The values of the acidity function \(C_0\) needed to find \(pK_{\mathrm{ArOH}}\) at temperatures of 30, 40, 50, and \(60^\circ\) are absent from the literature. To calculate them we used the well-known formula (3)
\[ C_0 = H_0 + \lg a_{\mathrm{H_2O}} + \lg \frac{f_{\mathrm{ArC}^{+}}}{f_{\mathrm{ArOH_2}^{+}}}, \tag{3} \]
where \(a_{\mathrm{H_2O}}\) is the thermodynamic activity of water, and \(f_{\mathrm{ArC}^{+}}/f_{\mathrm{ArOH_2}^{+}}\) is the ratio of the activity coefficients of the carbonium ion and of the protonated carbinol. In calculations by formula (3), the values of \(H_0\) at different temperatures were taken from work \((^6)\). The values of \(a_{\mathrm{H_2O}}\) for the system \(\mathrm{H_2SO_4—H_2O}\) were calculated from tabular data \((^9)\) from the vapor pressures of water over sulfuric acid \((p)\) and water \((p_S)\). The last term in equation (3) was taken as temperature-independent. Its value for different concentrations of \(\mathrm{H_2SO_4}\) at \(25^\circ\) was taken from Deno’s work \((^7)\).
Fig. 4. Dependence of the parameter \(n\) on the acidity function \(C_0\) of the initial acid at \(t=40^\circ\)
From the data of Table 1, the values of the heat and entropy of protonation of triphenylcarbinol in the \(\mathrm{H_2SO_4—H_2O}\) system were calculated; these
respectively equal to \(\Delta H = 3280 \pm 100\) kcal/mole and \(\Delta S = -18.4 \pm 0.10\) cal/mole·deg, whence
\[ 2.3 R pK_{\mathrm{ArOH}} = -\frac{3280}{T} - 18.4. \]
Table 2 presents the values of the acidity function \(C_0\) of sulfuric acid of various concentrations with additions of isopropyl alcohol, calculated from equation (2).
Despite the fact that the accuracy of the data obtained does not exceed 20%, and near 60% \(\mathrm{H_2SO_4}\), where the values of \(C_{\mathrm{Ph_3COH}}\) are very small, the error sometimes reaches 100%, the following regularities can clearly be established.

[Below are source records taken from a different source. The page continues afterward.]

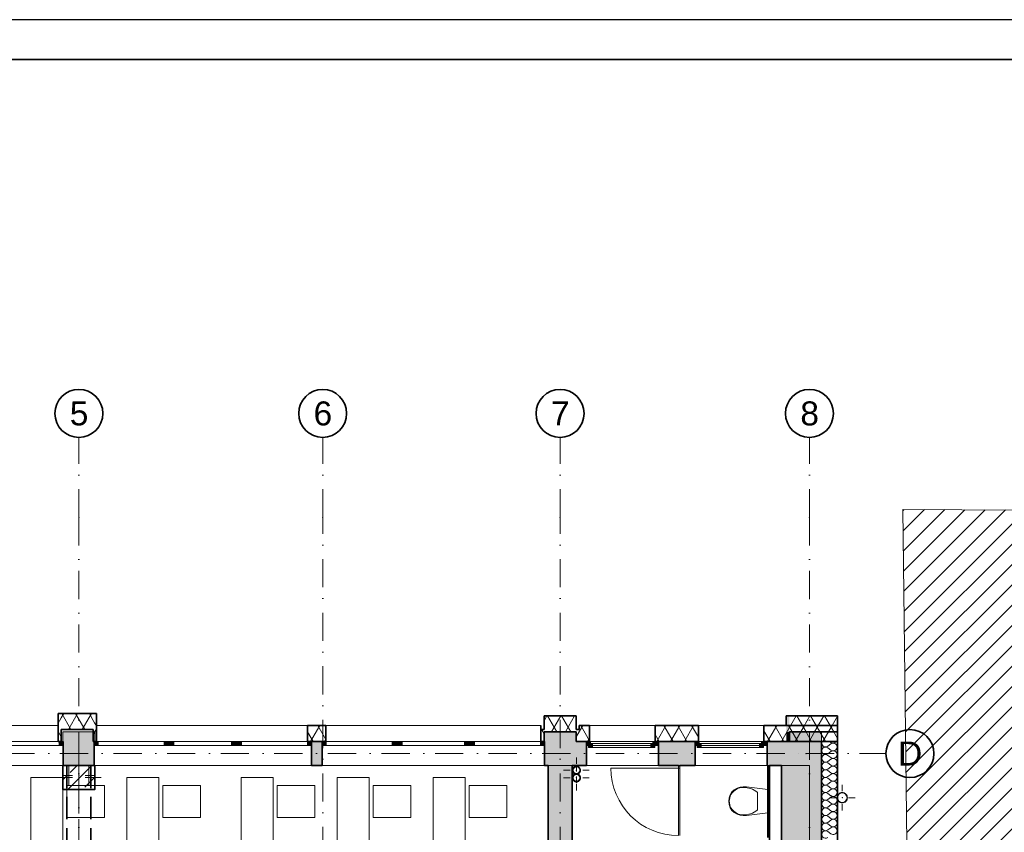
# Model space of a CAD drawing. Header units: millimetres. Extents: x 82175 to 237000, y 24756 to 471700.
# Tile 72 of 256: x 112630 to 124948, y 175423 to 185592. Entities that reach past the tile are written whole.
import ezdxf

# ---------------------------------------------------------------- set-up
doc = ezdxf.new("R2010")
doc.units = ezdxf.units.MM
doc.linetypes.add('Krawędzie ukryte', pattern=[3.912222, 2.822222, -1.09])
doc.linetypes.add('Kropki i Kreski', pattern=[6.702778, 3.527778, -1.763889, 0, -1.411111])
for name, color, linetype in [('- A - ocieplenie', 8, 'Continuous'), ('CP_LINENORM', 253, 'Continuous'), ('Drzwi Archicad', 8, 'Continuous'), ('Instalacje - Wod_Kan', 8, 'Continuous'), ('Konstrukcja - Belki', 8, 'Continuous'), ('Konstrukcja - Siatka mod', 8, 'Continuous'), ('Konstrukcja - Stropy', 8, 'Continuous'), ('Konstrukcja - Słupy', 8, 'Continuous'), ('Konstrukcja - Ściany działowe', 8, 'Continuous'), ('Konstrukcja - Ściany nośne wew..P', 8, 'Continuous'), ('Konstrukcja - Ściany zewnętrzne', 8, 'Continuous'), ('Okna Archicada', 8, 'Continuous'), ('PIONY INST', 8, 'Continuous'), ('Wnętrze - Umeblowanie', 8, 'Continuous'), ('Wnętrze - Wyposażenie', 8, 'Continuous')]:
    doc.layers.add(name, color=color, linetype=linetype)
doc.layers.add('CP_FRREF', color=251, linetype='Continuous', lineweight=35)
doc.styles.add('STYL_AUTOMATYCZNY_1', font='arial.ttf')
pattern_1 = [(60, (-135208.59, 452586.62), (-129.90381, 75), []), (120, (-135208.59, 452586.62), (129.90381, 75), [])]
pattern_2 = [(45, (-135208.59, 452586.62), (-127.27922, 127.27922), [])]
pattern_3 = [(45, (-135208.59, 452586.62), (-183.84776, 183.84776), []), (45, (-135300.5, 452678.54), (-183.84776, 183.84776), [195, -65])]

# ---------------------------------------------------------------- blocks, each defined once
blk = doc.blocks.new('*X13')
at = {"layer": '- A - ocieplenie', "linetype": 'Continuous', "lineweight": 13, "ltscale": 100}
for p, q in [((49899, 186032), (49937, 186061)), ((49899, 186013), (49937, 185985)), ((49923, 186090), (49937, 186080)), ((49899, 185937), (49937, 185966)), ((49899, 185918), (49937, 185890)), ((49899, 185842), (49937, 185871)), ((49899, 185823), (49937, 185794)), ((49899, 185747), (49937, 185775)), ((49899, 185728), (49937, 185699)), ((49899, 185652), (49937, 185680)), ((49899, 185632), (49937, 185604)), ((49899, 185556), (49937, 185585)), ((49899, 185537), (49937, 185509)), ((49899, 185461), (49937, 185490)), ((49899, 185442), (49937, 185413)), ((49899, 185366), (49937, 185394)), ((49899, 185347), (49937, 185318)), ((49899, 185271), (49937, 185299)), ((49899, 185252), (49937, 185223)), ((49899, 185175), (49937, 185204)), ((49899, 185156), (49937, 185128)), ((49899, 185080), (49937, 185109)), ((49899, 185061), (49937, 185032)), ((49899, 184985), (49937, 185013)), ((49899, 184966), (49937, 184937))]:
    blk.add_line(p, q, dxfattribs=at)
for centre, start, end in [((49870, 186071), 155.3271, 306.8699), ((49870, 185975), 53.1301, 306.8699), ((49965, 186118), 233.1301, 324.369), ((49965, 186023), 0, 126.8699), ((49965, 186023), 233.1301, 0), ((49870, 185880), 53.1301, 306.8699), ((49965, 185928), 0, 126.8699), ((49965, 185928), 233.1301, 0), ((49870, 185785), 53.1301, 306.8699), ((49965, 185832), 0, 126.8699), ((49965, 185832), 233.1301, 0), ((49965, 185737), 0, 126.8699), ((49870, 185690), 53.1301, 306.8699), ((49870, 185594), 53.1301, 306.8699), ((49965, 185737), 233.1301, 0), ((49965, 185642), 0, 126.8699), ((49965, 185642), 233.1301, 0), ((49870, 185499), 53.1301, 306.8699), ((49965, 185547), 0, 126.8699), ((49965, 185547), 233.1301, 0), ((49870, 185404), 53.1301, 306.8699), ((49965, 185452), 0, 126.8699), ((49965, 185452), 233.1301, 0), ((49965, 185356), 0, 126.8699), ((49870, 185309), 53.1301, 306.8699), ((49965, 185356), 233.1301, 0), ((49965, 185261), 0, 126.8699), ((49870, 185213), 53.1301, 306.8699), ((49870, 185118), 53.1301, 306.8699), ((49965, 185261), 233.1301, 0), ((49965, 185166), 0, 126.8699), ((49965, 185166), 233.1301, 0), ((49870, 185023), 53.1301, 306.8699), ((49965, 185071), 0, 126.8699), ((49965, 185071), 233.1301, 0), ((49965, 184975), 0, 126.8699), ((49870, 184928), 53.1301, 306.8699), ((49965, 184975), 233.1301, 0)]:
    blk.add_arc(centre, 47.6, start, end, dxfattribs=at)

msp = doc.modelspace()

# ---------------------------------------------------------------- hatches: boundary and pattern name
at = {"layer": '- A - ocieplenie', "linetype": 'Continuous', "lineweight": 13}
h = msp.add_hatch(dxfattribs=at)
h.set_pattern_fill('Izolacja_miękka_0005', color=8, style=0, pattern_type=2)
h.set_pattern_definition(pattern_1)
h.paths.add_polyline_path([(113110, 176759), (113140, 176759), (113110, 176909)])
h = msp.add_hatch(dxfattribs=at)
h.set_pattern_fill('Izolacja_miękka_0005', color=8, style=0, pattern_type=2)
h.set_pattern_definition(pattern_1)
h.paths.add_polyline_path([(113110, 176909), (113150, 176709), (113150, 176909)])
h = msp.add_hatch(dxfattribs=at)
h.set_pattern_fill('Izolacja_miękka_0005', color=8, style=0, pattern_type=2)
h.set_pattern_definition(pattern_1)
h.paths.add_polyline_path([(113550, 176909), (113150, 176909), (113150, 176709), (113550, 176709)])
h = msp.add_hatch(dxfattribs=at)
h.set_pattern_fill('Izolacja_miękka_0005', color=8, style=0, pattern_type=2)
h.set_pattern_definition(pattern_1)
h.paths.add_polyline_path([(113590, 176909), (113550, 176709), (113580, 176709), (113590, 176759)])
h = msp.add_hatch(dxfattribs=at)
h.set_pattern_fill('Izolacja_miękka_0005', color=8, style=0, pattern_type=2)
h.set_pattern_definition(pattern_1)
h.paths.add_polyline_path([(113550, 176909), (113550, 176709), (113590, 176909)])
h = msp.add_hatch(dxfattribs=at)
h.set_pattern_fill('Izolacja_miękka_0005', color=8, style=0, pattern_type=2)
h.set_pattern_definition(pattern_1)
h.paths.add_polyline_path([(119190, 176679), (119590, 176679), (119590, 176879), (119190, 176879)])
for points in [[(122220, 176879), (122260, 176679), (122260, 176879)], [(122220, 176679), (122260, 176679), (122220, 176879)], [(122220, 176679), (122220, 176559), (122260, 176559), (122260, 176679)]]:
    msp.add_hatch(color=8, dxfattribs=at).paths.add_polyline_path(points)
h = msp.add_hatch(dxfattribs=at)
h.set_pattern_fill('Izolacja_miękka_0005', color=8, style=0, pattern_type=2)
h.set_pattern_definition(pattern_1)
h.paths.add_polyline_path([(122260, 176679), (122860, 176679), (122860, 176879), (122260, 176879)])
h = msp.add_hatch(dxfattribs=at)
h.set_pattern_fill('Izolacja_miękka_0005', color=8, style=0, pattern_type=2)
h.set_pattern_definition(pattern_1)
h.paths.add_polyline_path([(113110, 176759), (113150, 176559), (113150, 176709), (113140, 176759)])
h = msp.add_hatch(dxfattribs=at)
h.set_pattern_fill('Izolacja_miękka_0005', color=8, style=0, pattern_type=2)
h.set_pattern_definition(pattern_1)
h.paths.add_polyline_path([(113110, 176757), (113110, 176559), (113150, 176559)])
h = msp.add_hatch(dxfattribs=at)
h.set_pattern_fill('Izolacja_miękka_0005', color=8, style=0, pattern_type=2)
h.set_pattern_definition(pattern_1)
h.paths.add_polyline_path([(113590, 176759), (113550, 176559), (113590, 176559)])
h = msp.add_hatch(dxfattribs=at)
h.set_pattern_fill('Izolacja_miękka_0005', color=8, style=0, pattern_type=2)
h.set_pattern_definition(pattern_1)
h.paths.add_polyline_path([(113580, 176709), (113550, 176709), (113550, 176559)])
h = msp.add_hatch(dxfattribs=at)
h.set_pattern_fill('Izolacja_miękka_0005', color=8, style=0, pattern_type=2)
h.set_pattern_definition(pattern_1)
h.paths.add_polyline_path([(116230, 176759), (116230, 176559), (116460, 176559), (116460, 176759)])
h = msp.add_hatch(dxfattribs=at)
h.set_pattern_fill('Izolacja_miękka_0005', color=8, style=0, pattern_type=2)
h.set_pattern_definition(pattern_1)
h.paths.add_polyline_path([(119160, 176709), (119150, 176759), (119150, 176709)])
h = msp.add_hatch(dxfattribs=at)
h.set_pattern_fill('Izolacja_miękka_0005', color=8, style=0, pattern_type=2)
h.set_pattern_definition(pattern_1)
h.paths.add_polyline_path([(119190, 176559), (119150, 176759), (119150, 176559)])
h = msp.add_hatch(dxfattribs=at)
h.set_pattern_fill('Izolacja_miękka_0005', color=8, style=0, pattern_type=2)
h.set_pattern_definition(pattern_1)
h.paths.add_polyline_path([(119160, 176709), (119190, 176559), (119190, 176709)])
h = msp.add_hatch(dxfattribs=at)
h.set_pattern_fill('Izolacja_miękka_0005', color=8, style=0, pattern_type=2)
h.set_pattern_definition(pattern_1)
h.paths.add_polyline_path([(119630, 176759), (119590, 176559), (119760, 176559), (119760, 176759)])
h = msp.add_hatch(dxfattribs=at)
h.set_pattern_fill('Izolacja_miękka_0005', color=8, style=0, pattern_type=2)
h.set_pattern_definition(pattern_1)
h.paths.add_polyline_path([(119590, 176559), (119620, 176709), (119590, 176709)])
h = msp.add_hatch(dxfattribs=at)
h.set_pattern_fill('Izolacja_miękka_0005', color=8, style=0, pattern_type=2)
h.set_pattern_definition(pattern_1)
h.paths.add_polyline_path([(120580, 176559), (121120, 176559), (121120, 176759), (120580, 176759)])
h = msp.add_hatch(dxfattribs=at)
h.set_pattern_fill('Izolacja_miękka_0005', color=8, style=0, pattern_type=2)
h.set_pattern_definition(pattern_1)
h.paths.add_polyline_path([(121940, 176559), (122860, 176559), (122860, 176759), (121940, 176759)])
at = {"linetype": 'Continuous', "lineweight": 15}
h = msp.add_hatch(dxfattribs=at)
h.set_pattern_fill('Bloczki_ceramiczne_0005', color=8, style=0, pattern_type=2)
h.set_pattern_definition(pattern_2)
h.paths.add_polyline_path([(123679, 179464), (123869, 163476), (124010, 163279), (126632, 163272), (126632, 179448)])
at = {"layer": 'Instalacje - Wod_Kan', "linetype": 'Continuous', "lineweight": 13}
h = msp.add_hatch(color=8, dxfattribs=at)
h.paths.add_polyline_path([(122920, 175921, 0.414214), (122855, 175856, 0.414214), (122920, 175791, 0.414214), (122985, 175856, 0.414214)])
h.paths.add_polyline_path([(122920, 175916, -1), (122920, 175796, -1)], flags=0)
at = {"layer": 'Konstrukcja - Słupy', "linetype": 'Continuous', "lineweight": 25}
h = msp.add_hatch(dxfattribs=at)
h.set_pattern_fill('Beton_zbrojony_0005', color=8, style=0, pattern_type=2)
h.set_pattern_definition(pattern_3)
h.paths.add_polyline_path([(113170, 175959), (113570, 175959), (113570, 176259), (113170, 176259)])
h = msp.add_hatch(dxfattribs=at)
h.set_pattern_fill('Beton_zbrojony_0005', color=8, style=0, pattern_type=2)
h.set_pattern_definition(pattern_3)
h.paths.add_polyline_path([(113245, 176009), (113495, 176009), (113495, 176259), (113245, 176259)])
at = {"layer": 'Konstrukcja - Ściany działowe', "linetype": 'Continuous', "lineweight": 13}
h = msp.add_hatch(dxfattribs=at)
h.set_pattern_fill('Bloczki_ceramiczne_0005', color=8, style=0, pattern_type=2)
h.set_pattern_definition(pattern_2)
h.paths.add_polyline_path([(122010, 175359), (122010, 176259), (121990, 176259), (121990, 175359)])
at = {"layer": 'Konstrukcja - Ściany nośne wew..P', "linetype": 'Continuous', "lineweight": 13}
msp.add_hatch(color=8, dxfattribs=at).paths.add_polyline_path([(119240, 176259), (119240, 171309), (119540, 171309), (119540, 176259)])
at = {"layer": 'Konstrukcja - Ściany zewnętrzne', "linetype": 'Continuous', "lineweight": 13}
for points in [[(113170, 176679), (113170, 176559), (113570, 176559), (113570, 176679)], [(119190, 176679), (119190, 176559), (119590, 176559), (119590, 176679)], [(122260, 176679), (122260, 176559), (122660, 176559), (122660, 176679)], [(113560, 176559), (113175, 176559), (113175, 176259), (113560, 176259)], [(116415, 176559), (116280, 176559), (116280, 176259), (116415, 176259)], [(119720, 176559), (119195, 176559), (119195, 176259), (119720, 176259)], [(120620, 176559), (120620, 176259), (121080, 176259), (121080, 176559)], [(121980, 176559), (121980, 176259), (122160, 176259), (122160, 176559)], [(122160, 176259), (122660, 176559), (122160, 176559)], [(122160, 176259), (122660, 176259), (122660, 176559)], [(122660, 163779), (122660, 176259), (122160, 176259), (122160, 163779)]]:
    msp.add_hatch(color=8, dxfattribs=at).paths.add_polyline_path(points)
at = {"layer": 'Okna Archicada', "linetype": 'Continuous', "lineweight": 13}
for points in [[(113175, 176509), (113175, 176559), (113125, 176559), (113125, 176509)], [(113560, 176559), (113560, 176509), (113610, 176509), (113610, 176559)], [(114485, 176509), (114485, 176559), (114435, 176559), (114435, 176509)], [(114485, 176559), (114485, 176509), (114560, 176509), (114560, 176559)], [(115355, 176509), (115355, 176559), (115280, 176559), (115280, 176509)], [(115355, 176559), (115355, 176509), (115405, 176509), (115405, 176559)], [(116280, 176509), (116280, 176559), (116230, 176559), (116230, 176509)], [(116415, 176559), (116415, 176509), (116465, 176509), (116465, 176559)], [(117340, 176509), (117340, 176559), (117290, 176559), (117290, 176509)], [(117340, 176559), (117340, 176509), (117415, 176509), (117415, 176559)], [(118270, 176509), (118270, 176559), (118195, 176559), (118195, 176509)], [(118270, 176559), (118270, 176509), (118320, 176509), (118320, 176559)], [(119195, 176509), (119195, 176559), (119145, 176559), (119145, 176509)], [(119720, 176509), (119745, 176509), (119745, 176534), (119770, 176534), (119770, 176559), (119720, 176559)], [(119745, 176484), (119795, 176484), (119795, 176534), (119745, 176534)], [(120575, 176534), (120525, 176534), (120525, 176484), (120575, 176484)], [(120620, 176559), (120550, 176559), (120550, 176534), (120575, 176534), (120575, 176509), (120620, 176509)], [(121080, 176509), (121105, 176509), (121105, 176534), (121130, 176534), (121130, 176559), (121080, 176559)], [(121105, 176484), (121155, 176484), (121155, 176534), (121105, 176534)], [(121935, 176534), (121885, 176534), (121885, 176484), (121935, 176484)], [(121980, 176559), (121910, 176559), (121910, 176534), (121935, 176534), (121935, 176509), (121980, 176509)]]:
    msp.add_hatch(color=8, dxfattribs=at).paths.add_polyline_path(points)
at = {"layer": 'PIONY INST', "linetype": 'Continuous', "lineweight": 13}
h = msp.add_hatch(color=8, dxfattribs=at)
h.paths.add_polyline_path([(119595, 176250, 0.414214), (119545, 176200, 0.414214), (119595, 176150, 0.414214), (119645, 176200, 0.414214)])
h.paths.add_polyline_path([(119595, 176245, -1), (119595, 176155, -1)], flags=0)
h = msp.add_hatch(color=8, dxfattribs=at)
h.paths.add_polyline_path([(119595, 176155, 0.414214), (119545, 176105, 0.414214), (119595, 176055, 0.414214), (119645, 176105, 0.414214)])
h.paths.add_polyline_path([(119595, 176150, -1), (119595, 176060, -1)], flags=0)

# ---------------------------------------------------------------- linework, layer by layer
at = {"layer": '- A - ocieplenie', "color": 8, "linetype": 'Continuous', "lineweight": 35, "ltscale": 100}
for p, q in [((113110, 176609), (113110, 176759)), ((113590, 176609), (113590, 176759)), ((116230, 176609), (116230, 176759)), ((116460, 176609), (116460, 176759)), ((119150, 176609), (119150, 176759)), ((119760, 176609), (119760, 176759)), ((120580, 176609), (120580, 176759)), ((121120, 176609), (121120, 176759)), ((121940, 176609), (121940, 176759)), ((113110, 176559), (113110, 176609)), ((113590, 176559), (113590, 176609)), ((116230, 176559), (116230, 176609)), ((116460, 176559), (116460, 176609)), ((119150, 176559), (119150, 176609)), ((119760, 176559), (119760, 176609)), ((120580, 176559), (120580, 176609)), ((121120, 176559), (121120, 176609)), ((121940, 176559), (121940, 176609))]:
    msp.add_line(p, q, dxfattribs=at)
at = {"layer": '- A - ocieplenie', "color": 8, "linetype": 'Continuous', "lineweight": 35, "ltscale": 100, "flags": 128}
for points in [[(113110, 176909), (113110, 176759)], [(113590, 176909), (113110, 176909)], [(113590, 176759), (113590, 176909)], [(119590, 176879), (119190, 176879)], [(119190, 176879), (119190, 176709)], [(119590, 176709), (119590, 176879)], [(122220, 176879), (122260, 176879)], [(122220, 176759), (122220, 176879)], [(122860, 176879), (122260, 176879)], [(122860, 176679), (122860, 176879)], [(113150, 176559), (113150, 176709)], [(113150, 176709), (113550, 176709)], [(113550, 176709), (113550, 176559)], [(116460, 176759), (116230, 176759)], [(119150, 176709), (119150, 176759)], [(119190, 176709), (119150, 176709)], [(119190, 176559), (119190, 176679)], [(119190, 176679), (119590, 176679)], [(119590, 176709), (119630, 176709)], [(119590, 176679), (119590, 176559)], [(119630, 176759), (119630, 176709)], [(119760, 176759), (119630, 176759)], [(121120, 176759), (120580, 176759)], [(122860, 176759), (121940, 176759)], [(122260, 176679), (122860, 176679)], [(122260, 176559), (122260, 176679)], [(122860, 176559), (122860, 176759)], [(113110, 176559), (113150, 176559)], [(113550, 176559), (113590, 176559)], [(116230, 176559), (116460, 176559)], [(119150, 176559), (119190, 176559)], [(119590, 176559), (119760, 176559)], [(120580, 176559), (121120, 176559)], [(121940, 176559), (122860, 176559)], [(122660, 176559), (122660, 163779)], [(122660, 176559), (122860, 176559)], [(122860, 163979), (122860, 176559)]]:
    msp.add_lwpolyline(points, dxfattribs=at)
at = {"color": 8, "linetype": 'Continuous', "lineweight": 13, "ltscale": 100, "flags": 128}
msp.add_lwpolyline([(123679, 179464), (123869, 163476), (124010, 163279), (126632, 163272), (126632, 179448)], close=True, dxfattribs=at)
at = {"layer": 'CP_FRREF'}
msp.add_line((136675, 185092), (83675, 185092), dxfattribs=at)
at = {"layer": 'CP_LINENORM', "linetype": 'Continuous'}
msp.add_line((137175, 185592), (82175, 185592), dxfattribs=at)
at = {"layer": 'Drzwi Archicad', "color": 8, "linetype": 'Continuous', "lineweight": 13, "ltscale": 100}
for p, q in [((120870, 176227), (120026, 176227)), ((120890, 176255), (120870, 176255)), ((120870, 176255), (120870, 176227)), ((120870, 176227), (120890, 176227)), ((120870, 175383), (120870, 176227)), ((120870, 176227), (120890, 176227)), ((120890, 176215), (120890, 176255)), ((120890, 176227), (120890, 176215)), ((120890, 176227), (120890, 175383))]:
    msp.add_line(p, q, dxfattribs=at)
at = {"layer": 'Drzwi Archicad', "color": 8, "linetype": 'Continuous', "lineweight": 35, "ltscale": 100}
msp.add_line((120870, 176255), (120890, 176255), dxfattribs=at)
msp.add_line((120870, 176255), (120890, 176255), dxfattribs=at)
at = {"layer": 'Drzwi Archicad', "color": 8, "linetype": 'Continuous', "lineweight": 13, "ltscale": 100}
msp.add_arc((120870, 176227), 844, 180, 270, dxfattribs=at)
at = {"layer": 'Instalacje - Wod_Kan', "color": 8, "linetype": 'Continuous', "lineweight": 0, "ltscale": 100}
for p, q in [((122920, 175936), (122920, 176016)), ((122840, 175856), (122760, 175856)), ((123000, 175856), (123080, 175856)), ((122920, 175776), (122920, 175696))]:
    msp.add_line(p, q, dxfattribs=at)
at = {"layer": 'Instalacje - Wod_Kan', "color": 8, "linetype": 'Continuous', "lineweight": 20, "ltscale": 100, "flags": 128}
for points in [[(122920, 175921, 0.414214), (122855, 175856, 0.414214), (122920, 175791, 0.414214), (122985, 175856, 0.414214)], [(122920, 175916, -1), (122920, 175796, -1)]]:
    msp.add_lwpolyline(points, format="xyb", close=True, dxfattribs=at)
at = {"layer": 'Instalacje - Wod_Kan', "color": 8, "linetype": 'Continuous', "lineweight": 0, "ltscale": 100}
msp.add_point((122920, 175856), dxfattribs=at)
at = {"layer": 'Konstrukcja - Belki', "color": 8, "linetype": 'Krawędzie ukryte', "lineweight": 35, "ltscale": 100}
for p, q in [((113220, 176259), (113220, 171309)), ((113220, 176259), (113520, 176259)), ((113520, 176259), (113520, 171309))]:
    msp.add_line(p, q, dxfattribs=at)
at = {"layer": 'Konstrukcja - Belki', "color": 8, "linetype": 'Kropki i Kreski', "lineweight": 13, "ltscale": 100}
msp.add_line((113370, 176259), (113370, 171309), dxfattribs=at)
at = {"layer": 'Konstrukcja - Siatka mod', "color": 8, "linetype": 'Kropki i Kreski', "lineweight": 13, "ltscale": 100}
for p, q in [((113370, 179365), (113370, 180365)), ((116420, 179365), (116420, 180365)), ((119390, 179365), (119390, 180365)), ((122510, 179365), (122510, 180365)), ((113370, 179365), (113370, 162400)), ((116420, 162400), (116420, 179365)), ((119390, 162400), (119390, 179365)), ((122510, 179365), (122510, 162400)), ((93022, 176409), (122467, 176409)), ((122467, 176409), (123467, 176409))]:
    msp.add_line(p, q, dxfattribs=at)
at = {"layer": 'Konstrukcja - Siatka mod', "color": 8, "linetype": 'Continuous', "lineweight": 35, "ltscale": 100}
for centre in [(113370, 180665), (116420, 180665), (119390, 180665), (122510, 180665), (123767, 176409)]:
    msp.add_circle(centre, 300, dxfattribs=at)
at = {"layer": 'Konstrukcja - Siatka mod', "color": 8, "linetype": 'Kropki i Kreski', "lineweight": 13, "ltscale": 100}
for p in [(113370, 179365), (113370, 179365), (116420, 179365), (116420, 179365), (119390, 179365), (119390, 179365), (122510, 179365), (122510, 179365), (122467, 176409), (122467, 176409)]:
    msp.add_point(p, dxfattribs=at)
at = {"layer": 'Konstrukcja - Stropy', "color": 8, "linetype": 'Continuous', "lineweight": 13, "ltscale": 100, "flags": 128}
msp.add_lwpolyline([(107140, 168829), (110440, 168829), (110440, 163779), (122510, 163779), (122510, 176259), (95470, 176259), (95470, 163779), (107140, 163779)], close=True, dxfattribs=at)
at = {"layer": 'Konstrukcja - Słupy', "color": 8, "linetype": 'Continuous', "lineweight": 13, "ltscale": 100}
for p, q in [((113370, 176214), (113370, 176339)), ((113290, 176134), (113165, 176134)), ((113370, 176054), (113370, 175929)), ((113450, 176134), (113575, 176134))]:
    msp.add_line(p, q, dxfattribs=at)
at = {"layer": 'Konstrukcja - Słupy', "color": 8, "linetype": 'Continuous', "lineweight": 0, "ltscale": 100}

The acidity function \(C_0\), like \(H_0\), decreases with increasing concentration of alcohol in the system according to a linear law (Fig. 3)
\[ \Delta C_0 = C_{0i} - C_0 = n C_{\mathrm{sp}}. \tag{4} \]
Table 3
Dependence of the parameter \(n\) on the acidity \(C_0\) of the initial acid
| \(t = 40^\circ\) | \(t = 54^\circ\) | \(t = 60^\circ\) | |||
|---|---|---|---|---|---|
| \(C_0\) | \(n\) | \(C_0\) | \(n\) | \(C_0\) | \(n\) |
| −6.21 | 0.755 | −5.94 | 0.565 | −5.46 | 0.496 |
| −6.41 | 0.700 | −6.42 | 0.455 | −5.91 | 0.380 |
| −6.62 | 0.626 | −6.65 | 0.334 | −5.97 | 0.320 |
| −6.81 | 0.610 | −6.79 | 0.310 | −6.40 | 0.53 |
| −7.19 | 0.456 | −6.95 | 0.285 | −6.74 | 0.21 |
| −8.39 | 0.247 |
This dependence has a more abrupt character than the dependence for \(H_0\). The values of \(n\) decrease with increasing concentration of the initial acid and with temperature; moreover, as is seen from Fig. 4, within one temperature the relation
\[ n = a(C_0 + A), \tag{5} \]
is satisfied, where \(C_0\) refers to the initial \(\mathrm{H_2SO_4}\).
For example, at \(40^\circ\), \(a = 0.304\), \(A = 8.69\); at \(54^\circ\), \(a = 0.281\), \(A = 7.93\), and at \(60^\circ\), \(a = 0.228\), \(A = 7.60\). The dependence of \(n\) on \(C_0\) for three temperatures is presented in Table 3 and for \(t = 40^\circ\) in Fig. 4.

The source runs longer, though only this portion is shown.